Equity options: Can the tail wag the dog?
SoftBank / Bloomberg

The fact that derivatives, forwards, futures, options and swaps can be very effective in risk management is often lost


IN RECENT weeks, the financial markets were rattled by news that SoftBank Group Corp, a Japanese investment holding firm, had huge exposures in equity derivatives.

The Financial Times (FT) which broke the news identified SoftBank as the “Nasdaq Whale”, as the exposure was mainly on US tech stocks listed on Nasdaq.

What followed was a steep fall in SoftBank’s Tokyo listed stock price. Investors spooked by the news, dumped the stock causing SoftBank’s market capitalisation to fall 5.4% or US$9 billion (RM37.8 billion) on the day following the news.

The Nasdaq Composite index meanwhile is reported to have shed some US$1.9 trillion in value in just three days surrounding the news.

Note that the initial report of the FT was simply that SoftBank had exposure in equity derivatives, not that they had suffered losses. Yet, the initial market reaction was grossly negative.

When FT later reported that SoftBank may be sitting on large unrealised profits of about US$4 billion from the equity derivatives, SoftBank’s stock price which had fallen some 17% within a week, recouped almost all the losses the following week. The misstep is clear. Reports that a company was involved in derivatives were enough to not just send its investors running but also cause a near market rout.

SoftBank, it appears, had established what is known as a Bull-Call spread using equity call options on stocks of a very select group of tech companies. These were the likes of Amazon.com Inc, Microsoft Corp, Netflix Inc, Facebook Inc, Adobe Inc and such.

A spread, though speculative in nature, involves offsetting positions such that the downside is limited. Thus the risk profile is far different from naked speculative positions which can have an unlimited downside. In establishing the Bull-Call spread, SoftBank had bought out-of-the-money calls and sold call options with even higher exercise prices.

The premium received from the options sold helps to reduce the overall cost of the strategy but imposes a cap on the upside. In essence, the spread position has both a limited upside and downside effectively capping the potential gains and losses.

A Bull-Call spread is used to profit from a potential rise in the underlying stock price while simultaneously protecting against any fall in value. As the underlying stock rises in value, the call option bought makes profits but the rising profits get capped when the underlying stock position has to be assigned to the party to whom the higher-priced call was sold.

The size of the profit therefore depends on the difference between the two exercise prices. Outright losses, though limited are possible if the underlying stock price never rises above the lower of the two exercise prices.

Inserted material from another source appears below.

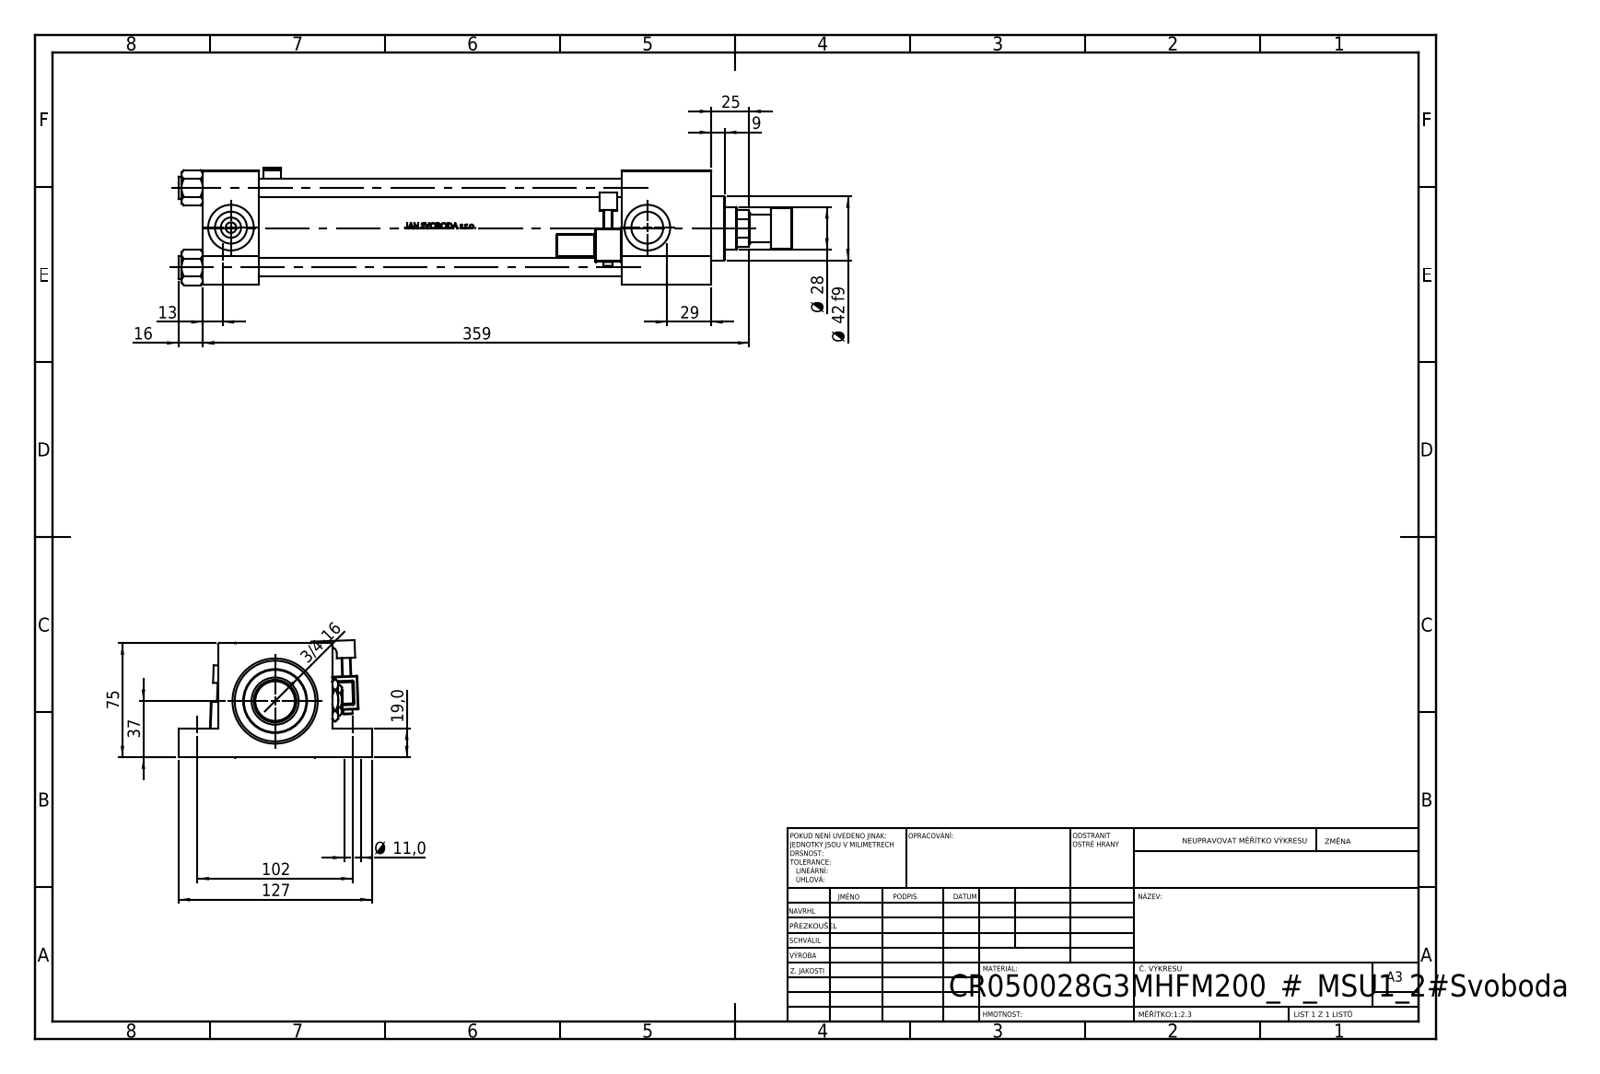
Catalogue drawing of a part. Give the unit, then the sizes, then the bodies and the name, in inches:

A spread, therefore, is nothing but a speculative strategy but one with a safety net below. SoftBank’s overall strategy was relatively “safe”, except that in this case their aggregate position was reportedly large and focused on a few underlying stocks.

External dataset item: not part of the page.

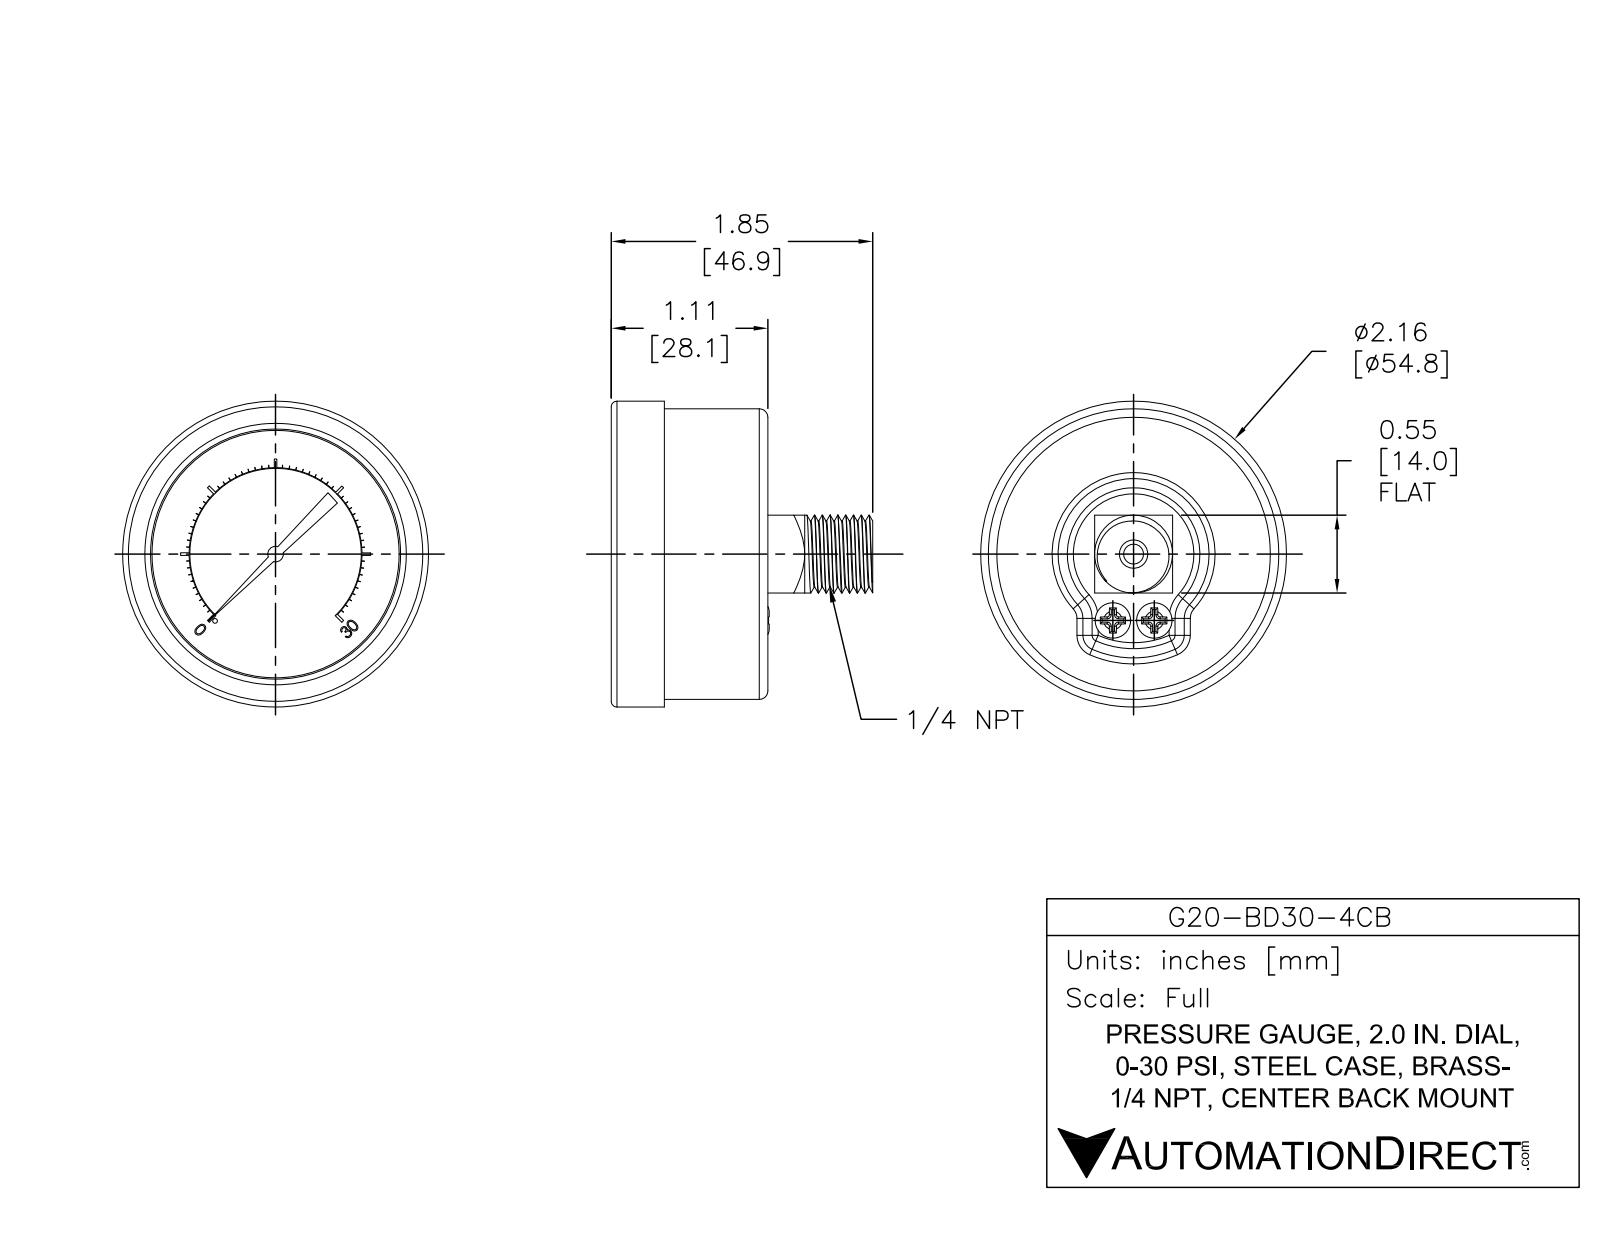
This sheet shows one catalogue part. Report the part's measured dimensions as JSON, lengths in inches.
{"part_name": "G20-BD30-4CB", "step_written_by": "SolidWorks 2021 (AUTOMOTIVE_DESIGN)", "units": "inches", "bodies": {"solids": 1, "faces": 374, "planar": 235, "cylindrical": 70, "other": 69}, "overall_size": [2.158, 2.158, 1.845], "volume_in3": 3.201, "surface_area_in2": 18.16, "round_holes": [[0.14, 1], [1.745, 1]], "round_bosses_or_shafts": [[0.25, 2], [2.158, 1], [2.05, 1], [0.55, 1], [0.11, 1], [0.102, 1], [0.055, 1]], "partial_cylinders_radius": [[0.06, 4], [0.605, 1], [0.61, 1]], "face_to_face_distances": [0.815, 1.105, 0.29, 0.73, 0.085, 0.375, 0.1, 1.005, 0.63, 0.715]}

Note that they were using single stock options. Such large and concentrated positions can indeed move markets. The fact that derivatives have inbuilt leverage enables large positions to be taken at very low net investment.

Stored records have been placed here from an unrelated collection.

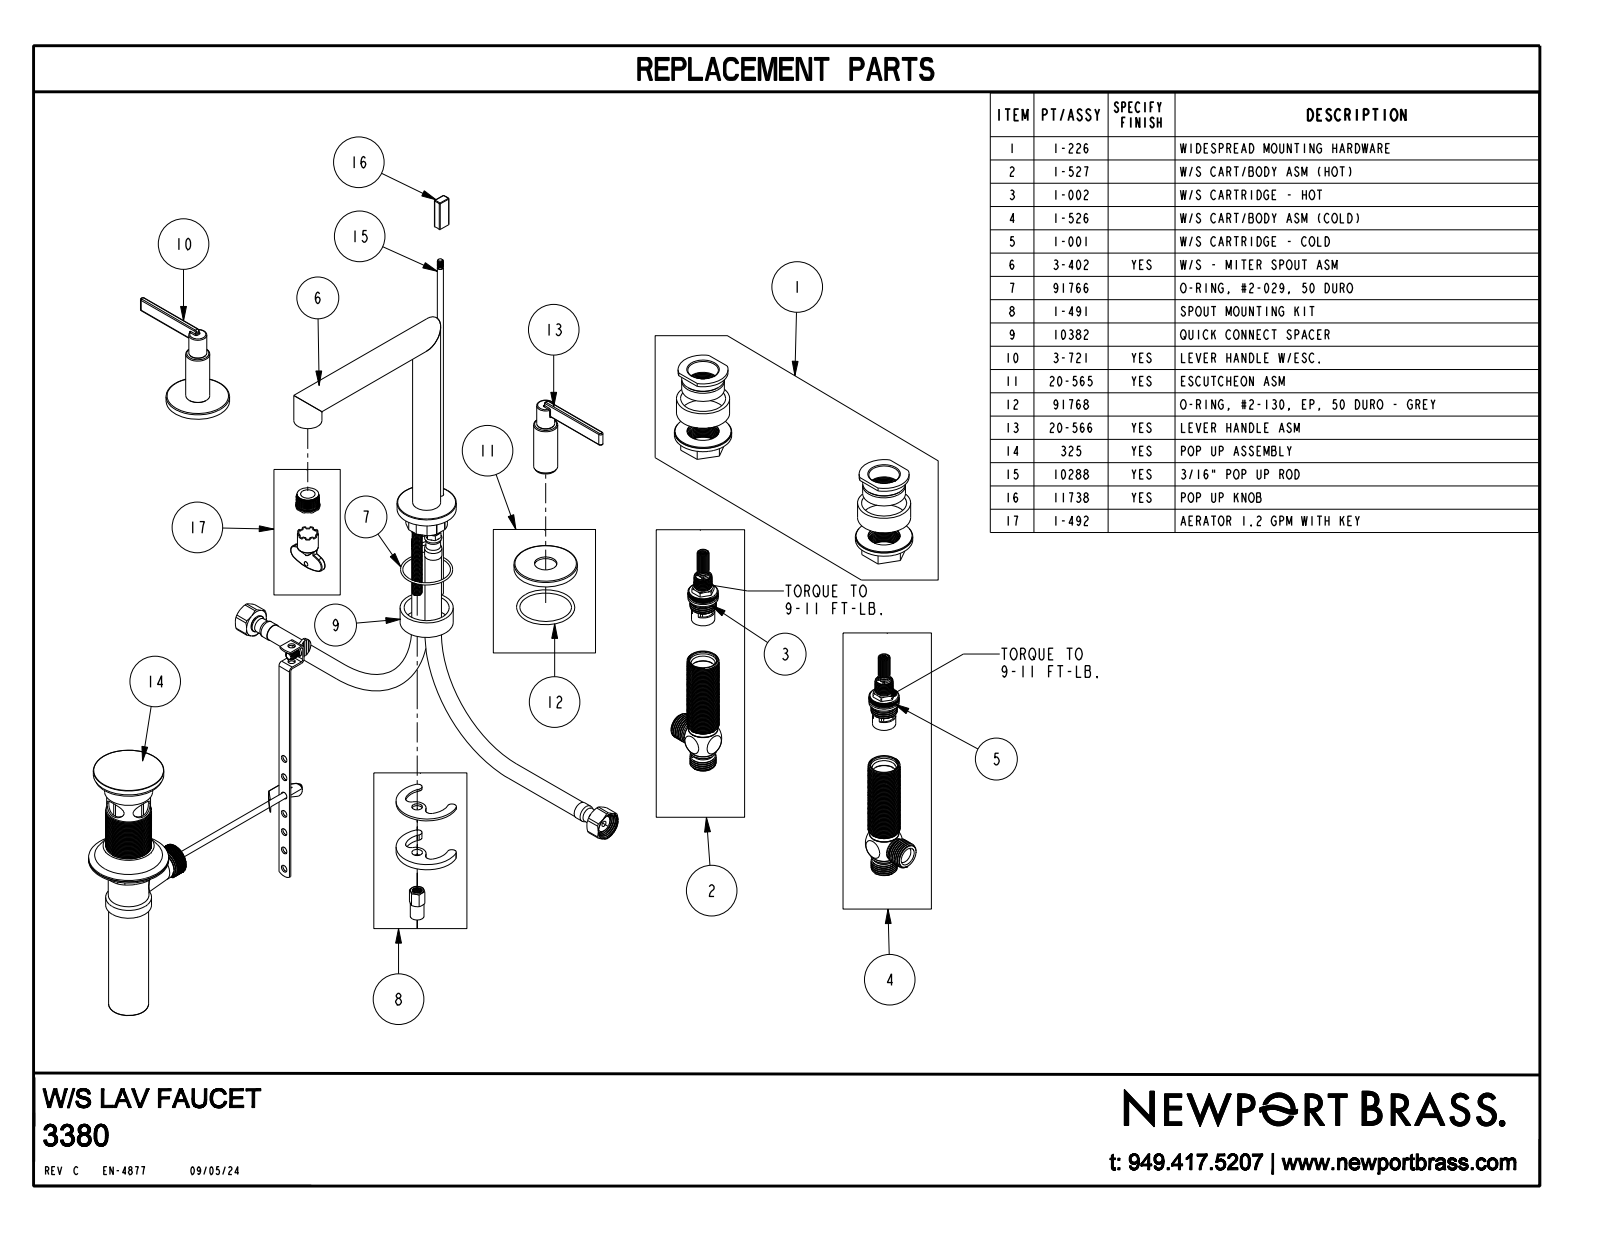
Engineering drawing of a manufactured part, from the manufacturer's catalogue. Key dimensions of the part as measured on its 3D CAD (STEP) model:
Part name (STEP PRODUCT): 3380
STEP written by: CREO PARAMETRIC BY PTC INC, 2019352 (CONFIG_CONTROL_DESIGN)
Units: inches
Bodies: 4 solids, 139 faces (33 planar, 64 cylindrical, 42 other)
Overall size (bounding box): 13 × 7.089 × 6.678
Volume: 11.45 in³ · Surface area: 74.34 in²
Round holes (diameter × count): ⌀0.721 ×1
Round bosses / shafts (diameter × count): ⌀0.875 ×3, ⌀1.98 ×2, ⌀0.75 ×2, ⌀0.73 ×2, ⌀0.563 ×2, ⌀0.51 ×2, ⌀1.85 ×1
Partial cylindrical surfaces — rounded edges, fillets, slot ends (radius × count): R0.03 ×16, R0.02 ×6, R0.06 ×2, R0.075 ×2, R0.47 ×1, R0.876 ×1
Main face-to-face distances: 0.2, 0.25, 0.05, 0.15, 2.701, 2.501, 2.451, 6.094, 5.894, 5.844

When there is herding and similar strategies are also used by other investors, underlying asset prices can seriously deviate from fundamentals.

Changes in option values invariably impact underlying stock prices because of the need for dynamic hedging. For example, sellers of call options have to cover their short position by buying the underlying stock.

Delta hedging as the process is called requires the maintenance of a hedge ratio, by purchasing a proportion of the underlying stock as the option value increases. The proportion of stock needed to be purchased increases “exponentially” as the option becomes increasingly in-the-money.

The result is a feedback loop causing higher stock prices as shorts to chase the stock to avoid losses on the calls they sold.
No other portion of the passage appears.